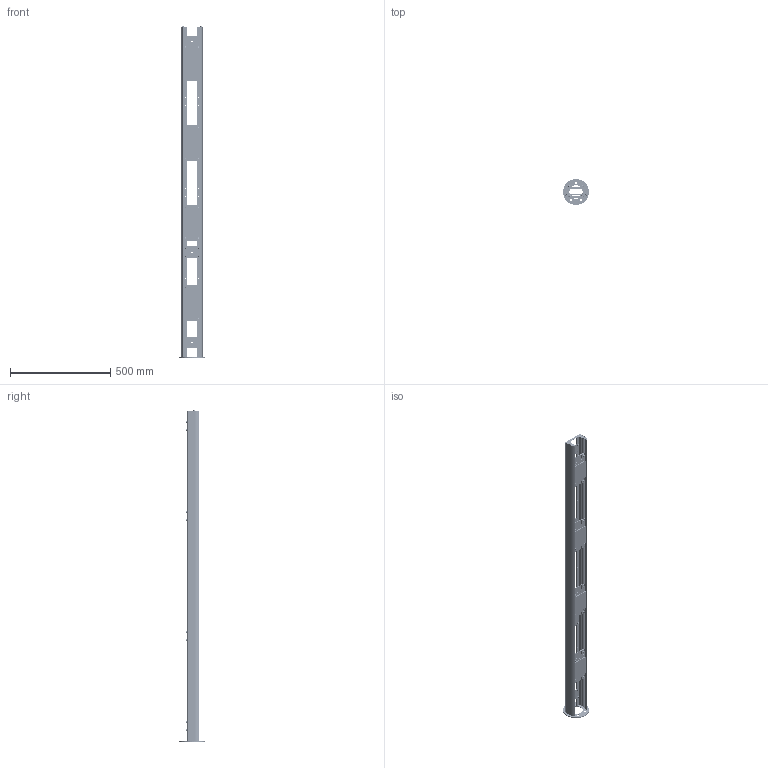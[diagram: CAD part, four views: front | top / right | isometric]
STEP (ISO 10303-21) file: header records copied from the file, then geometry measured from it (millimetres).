
FILE_DESCRIPTION(/* description */ (''),/* implementation_level */ '2;1');
FILE_NAME(/* name */ '0004A__4_INDIPENDENT_MIRRORS_1650mm.stp',/* time_stamp */ '2025-11-26T15:31:52+01:00',/* author */ (''),/* organization */ (''),/* preprocessor_version */ 'ST-DEVELOPER v20',/* originating_system */ 'SIEMENS PLM Software NX2412.4001',/* authorisation */ '');
FILE_SCHEMA (('AP203_CONFIGURATION_CONTROLLED_3D_DESIGN_OF_MECHANICAL_PARTS_AND_ASSEMBLIES_MIM_LF { 1 0 10303 403 2 1 2}'));
Products named in the file (1): AS007806_objects
Bounding box: 130 x 130 x 1658.25 mm (x, y, z)
Volume: 6281871.4 mm3; surface area: 6411555.1 mm2
Topology: 274 solids, 274 shells, 10425 faces, 28066 edges, 18273 vertices
Faces by surface type: plane 5472, cylinder 2769, cone 1970, torus 156, bspline 54, sphere 4
Full cylindrical faces by diameter (mm): 0.1 x4, 3.3 x12, 3.838 x12, 4.2 x32, 4.3 x12, 4.826 x256, 5 x312, 5.2 x32, 5.25 x2, 5.3 x16, 5.5 x64, 5.6 x16, 5.795 x28, 7 x44, 7.2 x4, 8.5 x48, 9 x28, 10 x16, 12 x7, 15 x16, 68 x1, 130 x1
Entity records: 415858 total; most frequent: CARTESIAN_POINT 154668, DIRECTION 56088, ORIENTED_EDGE 51472, EDGE_CURVE 25736, AXIS2_PLACEMENT_3D 21586, VERTEX_POINT 17324, LINE 12916, VECTOR 12916

Exercise goal:
Your task is to return each line of the data above that contains the string "records".

Answer to this task:
STEP (ISO 10303-21) file: header records copied from the file, then geometry measured from it (millimetres).
Entity records: 415858 total; most frequent: CARTESIAN_POINT 154668, DIRECTION 56088, ORIENTED_EDGE 51472, EDGE_CURVE 25736, AXIS2_PLACEMENT_3D 21586, VERTEX_POINT 17324, LINE 12916, VECTOR 12916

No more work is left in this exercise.